Identification of stable QTLs causing chalk in rice grains in nine environments.

Abstract

A novel QTL cluster for chalkiness on Chr04 was identified using single environment analysis and joint mapping across 9 environments in Asia and South American. QTL NILs showed that each had a significant effect on chalk. Chalk in rice grains leads to a significant loss in the proportion of marketable grains in a harvested crop, leading to a significant financial loss to rice farmers and traders. To identify the genetic basis of chalkiness, two sets of recombinant inbred lines (RILs) derived from reciprocal crosses between Lemont and Teqing were used to find stable QTLs for chalkiness. The RILs were grown in seven locations in Asia and Latin American and in two controlled environments in phytotrons. A total of 32 (21) and 46 (22) QTLs for DEC and PGWC, most of them explaining more than 10% of phenotypic variation, were detected based on single environment analysis in T/L (L/T) population, respectively. Seven (2) and 7 (3) QTLs for DEC and PGWC were identified in the T/L (L/T) population using joined analysis across all environments, respectively.
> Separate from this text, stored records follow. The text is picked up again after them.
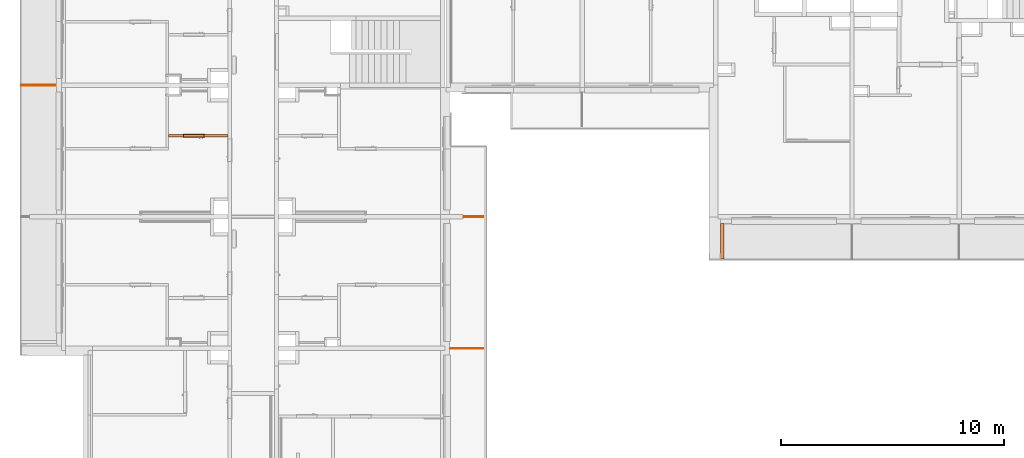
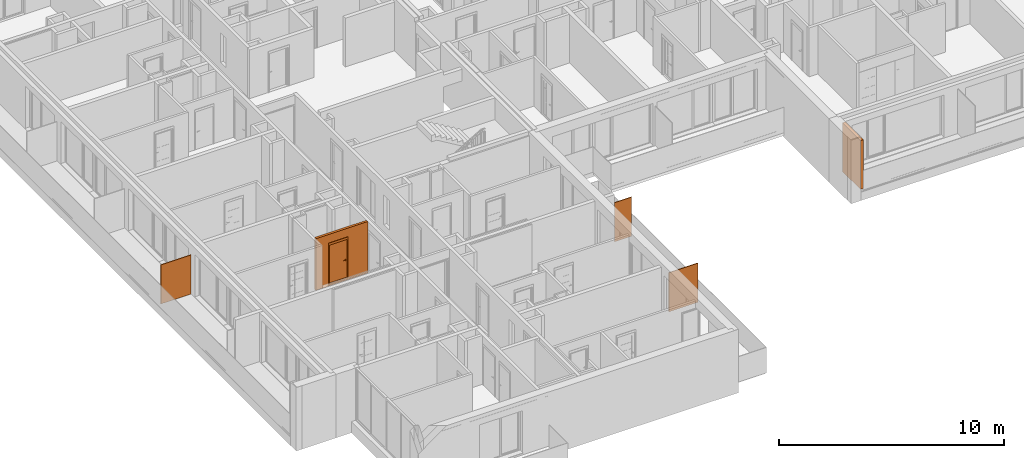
# One storey, part 15 of 67: 6 proxies, 1 opening.
"""IFC2X3 building model written with IfcOpenShell, lengths in millimetres."""

from ifc_helpers import new_model, entity, si_unit, converted_unit, derived_unit, money_unit, direction, frame, origin_with_axes, origin_2d_with_axis, place, context, subcontext, project, spatial, polyline, rectangle, outline, extrude, open_shell, faceted_brep, surface_model, source, transform, mapped, material, type_object, element, fill, save


model = new_model("IFC2X3")

# Units and contexts
model_context = context("Model", 3, precision=0.01, world=origin_with_axes(), true_north=direction((0.34421633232, 0.938890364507)))
body_context = subcontext(model_context, "Body", "Model", "MODEL_VIEW")
ifc_project = project(units=[si_unit("LENGTHUNIT", "METRE", prefix="MILLI"), si_unit("AREAUNIT", "SQUARE_METRE"), si_unit("VOLUMEUNIT", "CUBIC_METRE"), converted_unit("PLANEANGLEUNIT", "DEGREE", entity("IfcPlaneAngleMeasure", 0.0174532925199), si_unit("PLANEANGLEUNIT", "RADIAN"), dimensions=[0, 0, 0, 0, 0, 0, 0]), si_unit("SOLIDANGLEUNIT", "STERADIAN"), money_unit("USD"), converted_unit("TIMEUNIT", "Year", entity("IfcTimeMeasure", 31556926.0), si_unit("TIMEUNIT", "SECOND"), dimensions=[0, 0, 1, 0, 0, 0, 0]), si_unit("MASSUNIT", "GRAM", prefix="KILO"), si_unit("THERMODYNAMICTEMPERATUREUNIT", "DEGREE_CELSIUS"), si_unit("LUMINOUSINTENSITYUNIT", "LUMEN"), si_unit("ENERGYUNIT", "JOULE", prefix="MEGA"), derived_unit("THERMALCONDUCTANCEUNIT", [(si_unit("POWERUNIT", "WATT"), 1), (si_unit("LENGTHUNIT", "METRE"), -1), (si_unit("THERMODYNAMICTEMPERATUREUNIT", "KELVIN"), -1)]), derived_unit("SPECIFICHEATCAPACITYUNIT", [(si_unit("ENERGYUNIT", "JOULE"), 1), (si_unit("MASSUNIT", "GRAM", prefix="KILO"), -1), (si_unit("THERMODYNAMICTEMPERATUREUNIT", "KELVIN"), -1)]), derived_unit("MASSDENSITYUNIT", [(si_unit("MASSUNIT", "GRAM", prefix="KILO"), 1), (si_unit("VOLUMEUNIT", "CUBIC_METRE"), -1)])], contexts=[model_context])

# Site, building, storey
site_placement = place(None, origin_with_axes())
site = spatial("IfcSite", under=ifc_project, at=site_placement, Name="USTRONIE MORSKIE", CompositionType="ELEMENT")
building_placement = place(site_placement, origin_with_axes())
building = spatial("IfcBuilding", under=site, at=building_placement, Name="Budynek", CompositionType="ELEMENT")
storey_placement = place(building_placement, frame((0.0, 0.0, 4000.0), z_axis=(0.0, 0.0, 1.0), x_axis=(1.0, 0.0, 0.0)))
storey = spatial("IfcBuildingStorey", under=building, at=storey_placement, Name="PIĘTRO 1", CompositionType="ELEMENT", Elevation=4000.0)

# Proxies, opening
ifc_material_1 = material(Name="Bloczki silikatowe")
building_element_proxy_type_1 = type_object("IfcBuildingElementProxyType", Name="Bloczki silikatowe 120", PredefinedType="NOTDEFINED")
proxy_1_placement = place(storey_placement, frame((354717.920919, 724641.179437, -160.0), z_axis=(0.0, 0.0, 1.0), x_axis=(1.0, 0.0, 0.0)))
proxy_1 = element("IfcBuildingElementProxy", 1, at=proxy_1_placement, inside=storey, type_object=building_element_proxy_type_1, material=ifc_material_1, Name="SW-04", context=body_context, shape_type="Brep", body=[
    faceted_brep([(2720.0, -59.9999999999, 2800.0), (2720.0, 59.9999999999, 2800.0), (60.0, 59.9999999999, 2800.0), (60.0, -59.9999999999, 2800.0), (2720.0, -59.9999999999, 0.0), (2720.0, 59.9999999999, 0.0), (60.0, 59.9999999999, 0.0), (60.0, -59.9999999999, 0.0)], [[[0, 1, 2, 3]], [[1, 0, 4, 5]], [[1, 5, 6, 2]], [[7, 3, 2, 6]], [[4, 0, 3, 7]], [[5, 4, 7, 6]]]),
])
opening_placement = place(proxy_1_placement, frame((1200.0, -1.13686837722e-10, 160.0), z_axis=(0.0, 0.0, 1.0), x_axis=(1.0, 0.0, 0.0)))
opening = element("IfcOpeningElement", 2, at=opening_placement, cuts=proxy_1, Name="Dw.4", context=body_context, shape_type="SweptSolid", body=[
    extrude(rectangle(XDim=920.0, YDim=2070.0, at=origin_2d_with_axis()), frame((0.0, 120.0, 1035.0), z_axis=(0.0, -1.0, 0.0), x_axis=(-1.0, 0.0, 0.0)), (0.0, 0.0, 1.0), 360.0),
    extrude(rectangle(XDim=994.0, YDim=2177.0, at=origin_2d_with_axis()), frame((0.0, 60.0000000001, 1088.5), z_axis=(0.0, -1.0, 0.0), x_axis=(-1.0, 0.0, 0.0)), (0.0, 0.0, -1.0), 120.0),
    extrude(rectangle(XDim=994.0, YDim=2177.0, at=origin_2d_with_axis()), frame((0.0, -59.9999999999, 1088.5), z_axis=(0.0, 1.0, 0.0), x_axis=(-1.0, 0.0, 0.0)), (0.0, 0.0, -1.0), 120.0),
])
building_element_proxy_type_2 = type_object("IfcBuildingElementProxyType", Name="Drzwi 23", PredefinedType="NOTDEFINED")
shared_shape = source(origin_with_axes(), body_context, "Body", "SurfaceModel", [
    faceted_brep([(-460.0, -115.0, 0.0), (-435.0, -115.0, 0.0), (-435.0, -120.0, 0.0), (-460.0, -120.0, 0.0), (-460.0, -115.0, 2070.0), (-435.0, -115.0, 2045.0), (-435.0, -120.0, 2045.0), (-460.0, -120.0, 2070.0)], [[[0, 1, 2, 3]], [[0, 4, 5, 1]], [[1, 5, 6, 2]], [[3, 2, 6, 7]], [[4, 0, 3, 7]], [[5, 4, 7, 6]]]),
    faceted_brep([(460.0, -115.0, 2070.0), (435.0, -115.0, 2045.0), (435.0, -120.0, 2045.0), (460.0, -120.0, 2070.0), (460.0, -115.0, 0.0), (435.0, -115.0, 0.0), (435.0, -120.0, 0.0), (460.0, -120.0, 0.0)], [[[0, 1, 2, 3]], [[0, 4, 5, 1]], [[1, 5, 6, 2]], [[3, 2, 6, 7]], [[4, 0, 3, 7]], [[5, 4, 7, 6]]]),
    faceted_brep([(-435.0, -115.0, 2045.0), (435.0, -115.0, 2045.0), (435.0, -120.0, 2045.0), (-435.0, -120.0, 2045.0), (-460.0, -115.0, 2070.0), (460.0, -115.0, 2070.0), (460.0, -120.0, 2070.0), (-460.0, -120.0, 2070.0)], [[[0, 1, 2, 3]], [[0, 4, 5, 1]], [[1, 5, 6, 2]], [[3, 2, 6, 7]], [[4, 0, 3, 7]], [[5, 4, 7, 6]]]),
    faceted_brep([(-497.0, -139.0, 0.0), (-497.0, -120.0, 0.0), (-447.0, -120.0, 0.0), (-447.0, -139.0, 0.0), (-497.0, -139.0, 2177.0), (-497.0, -120.0, 2177.0), (-447.0, -120.0, 2057.0), (-447.0, -139.0, 2057.0)], [[[0, 1, 2, 3]], [[4, 5, 1, 0]], [[1, 5, 6, 2]], [[3, 2, 6, 7]], [[0, 3, 7, 4]], [[7, 6, 5, 4]]]),
    faceted_brep([(497.0, -139.0, 2177.0), (497.0, -120.0, 2177.0), (447.0, -120.0, 2057.0), (447.0, -139.0, 2057.0), (497.0, -139.0, 0.0), (497.0, -120.0, 0.0), (447.0, -120.0, 0.0), (447.0, -139.0, 0.0)], [[[0, 1, 2, 3]], [[4, 5, 1, 0]], [[1, 5, 6, 2]], [[3, 2, 6, 7]], [[0, 3, 7, 4]], [[7, 6, 5, 4]]]),
    faceted_brep([(-497.0, -139.0, 2177.0), (-497.0, -120.0, 2177.0), (-447.0, -120.0, 2057.0), (-447.0, -139.0, 2057.0), (497.0, -139.0, 2177.0), (497.0, -120.0, 2177.0), (447.0, -120.0, 2057.0), (447.0, -139.0, 2057.0)], [[[0, 1, 2, 3]], [[4, 5, 1, 0]], [[1, 5, 6, 2]], [[3, 2, 6, 7]], [[0, 3, 7, 4]], [[7, 6, 5, 4]]]),
    faceted_brep([(-497.0, 19.0, 0.0), (-447.0, 19.0, 0.0), (-447.0, 0.0, 0.0), (-497.0, 0.0, 0.0), (-497.0, 19.0, 2177.0), (-447.0, 19.0, 2057.0), (-447.0, 0.0, 2057.0), (-497.0, 0.0, 2177.0)], [[[0, 1, 2, 3]], [[0, 4, 5, 1]], [[1, 5, 6, 2]], [[3, 2, 6, 7]], [[4, 0, 3, 7]], [[5, 4, 7, 6]]]),
    faceted_brep([(497.0, 19.0, 2177.0), (447.0, 19.0, 2057.0), (447.0, 0.0, 2057.0), (497.0, 0.0, 2177.0), (497.0, 19.0, 0.0), (447.0, 19.0, 0.0), (447.0, 0.0, 0.0), (497.0, 0.0, 0.0)], [[[0, 1, 2, 3]], [[0, 4, 5, 1]], [[1, 5, 6, 2]], [[3, 2, 6, 7]], [[4, 0, 3, 7]], [[5, 4, 7, 6]]]),
    faceted_brep([(-497.0, 19.0, 2177.0), (-447.0, 19.0, 2057.0), (-447.0, 0.0, 2057.0), (-497.0, 0.0, 2177.0), (497.0, 19.0, 2177.0), (447.0, 19.0, 2057.0), (447.0, 0.0, 2057.0), (497.0, 0.0, 2177.0)], [[[0, 1, 2, 3]], [[0, 4, 5, 1]], [[1, 5, 6, 2]], [[3, 2, 6, 7]], [[4, 0, 3, 7]], [[5, 4, 7, 6]]]),
    faceted_brep([(-400.0, -40.0, 0.0), (-400.0, -40.0, 2000.0), (-400.0, -115.0, 2000.0), (-400.0, -115.0, 0.0), (-412.0, -40.0, 2000.0), (-412.0, -40.0, 0.0), (-412.0, 0.0, 2000.0), (-460.0, 0.0, 2000.0), (-460.0, -115.0, 2000.0), (-460.0, -115.0, 0.0), (-460.0, 0.0, 0.0), (-412.0, 0.0, 0.0)], [[[0, 1, 2, 3]], [[4, 1, 0, 5]], [[4, 6, 7, 8, 2, 1]], [[3, 2, 8, 9]], [[5, 0, 3, 9, 10, 11]], [[6, 4, 5, 11]], [[6, 11, 10, 7]], [[10, 9, 8, 7]]]),
    faceted_brep([(412.0, -40.0, 2000.0), (400.0, -40.0, 2000.0), (400.0, -115.0, 2000.0), (460.0, -115.0, 2000.0), (460.0, 0.0, 2000.0), (412.0, 0.0, 2000.0), (412.0, -40.0, 0.0), (400.0, -40.0, 0.0), (400.0, -115.0, 0.0), (460.0, -115.0, 0.0), (460.0, 0.0, 0.0), (412.0, 0.0, 0.0)], [[[0, 1, 2, 3, 4, 5]], [[1, 0, 6, 7]], [[1, 7, 8, 2]], [[3, 2, 8, 9]], [[4, 3, 9, 10]], [[11, 5, 4, 10]], [[0, 5, 11, 6]], [[6, 11, 10, 9, 8, 7]]]),
    faceted_brep([(-412.0, 0.0, 2012.0), (-412.0, 0.0, 2000.0), (-460.0, 0.0, 2000.0), (-460.0, 0.0, 2070.0), (460.0, 0.0, 2070.0), (460.0, 0.0, 2000.0), (412.0, 0.0, 2000.0), (412.0, 0.0, 2012.0), (-412.0, -40.0, 2012.0), (-412.0, -40.0, 2000.0), (-400.0, -40.0, 2000.0), (-400.0, -115.0, 2000.0), (-460.0, -115.0, 2000.0), (-460.0, -115.0, 2070.0), (460.0, -115.0, 2070.0), (460.0, -115.0, 2000.0), (412.0, -40.0, 2000.0), (400.0, -115.0, 2000.0), (400.0, -40.0, 2000.0), (412.0, -40.0, 2012.0)], [[[0, 1, 2, 3, 4, 5, 6, 7]], [[1, 0, 8, 9]], [[9, 10, 11, 12, 2, 1]], [[2, 12, 13, 3]], [[3, 13, 14, 4]], [[4, 14, 15, 5]], [[16, 6, 5, 15, 17, 18]], [[7, 6, 16, 19]], [[0, 7, 19, 8]], [[16, 18, 10, 9, 8, 19]], [[10, 18, 17, 11]], [[17, 15, 14, 13, 12, 11]]]),
    faceted_brep([(-390.5, -40.0, 1060.0), (-390.5, -43.0, 1060.0), (-333.5, -43.0, 1060.0), (-333.5, -40.0, 1060.0), (-390.5, -40.0, 870.0), (-390.5, -43.0, 870.0), (-333.5, -43.0, 870.0), (-333.5, -40.0, 870.0)], [[[0, 1, 2, 3]], [[4, 5, 1, 0]], [[1, 5, 6, 2]], [[3, 2, 6, 7]], [[0, 3, 7, 4]], [[7, 6, 5, 4]]]),
    faceted_brep([(-362.0, -104.0, 990.0), (-362.0, -111.0, 990.0), (-367.0, -111.0, 991.339745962), (-367.0, -104.0, 991.339745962), (-337.0, -104.0, 990.0), (-337.0, -111.0, 990.0), (-337.0, -111.0, 1010.0), (-362.0, -111.0, 1010.0), (-367.0, -111.0, 1008.66025404), (-370.660254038, -111.0, 1005.0), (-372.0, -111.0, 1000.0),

Six major QTLs clusters were found on five chromosomes: 1, 2, 4, 5 and 11. The biggest cluster at id4007289-RM252 on Chr04 was a novelty, including 16 and 4 QTLs detected by single environment analysis and joint mapping across all environments, respectively. The detected digenic epistatic QTLs explained up to 13% of phenotypic variation, suggesting that epistasis play an important role in the genetic control of chalkiness in rice. QTL NILs showed that each QTL cluster had a significant effect on chalk. These chromosomal regions could be targets for MAS, fine mapping and map-based cloning for low chalkiness breeding.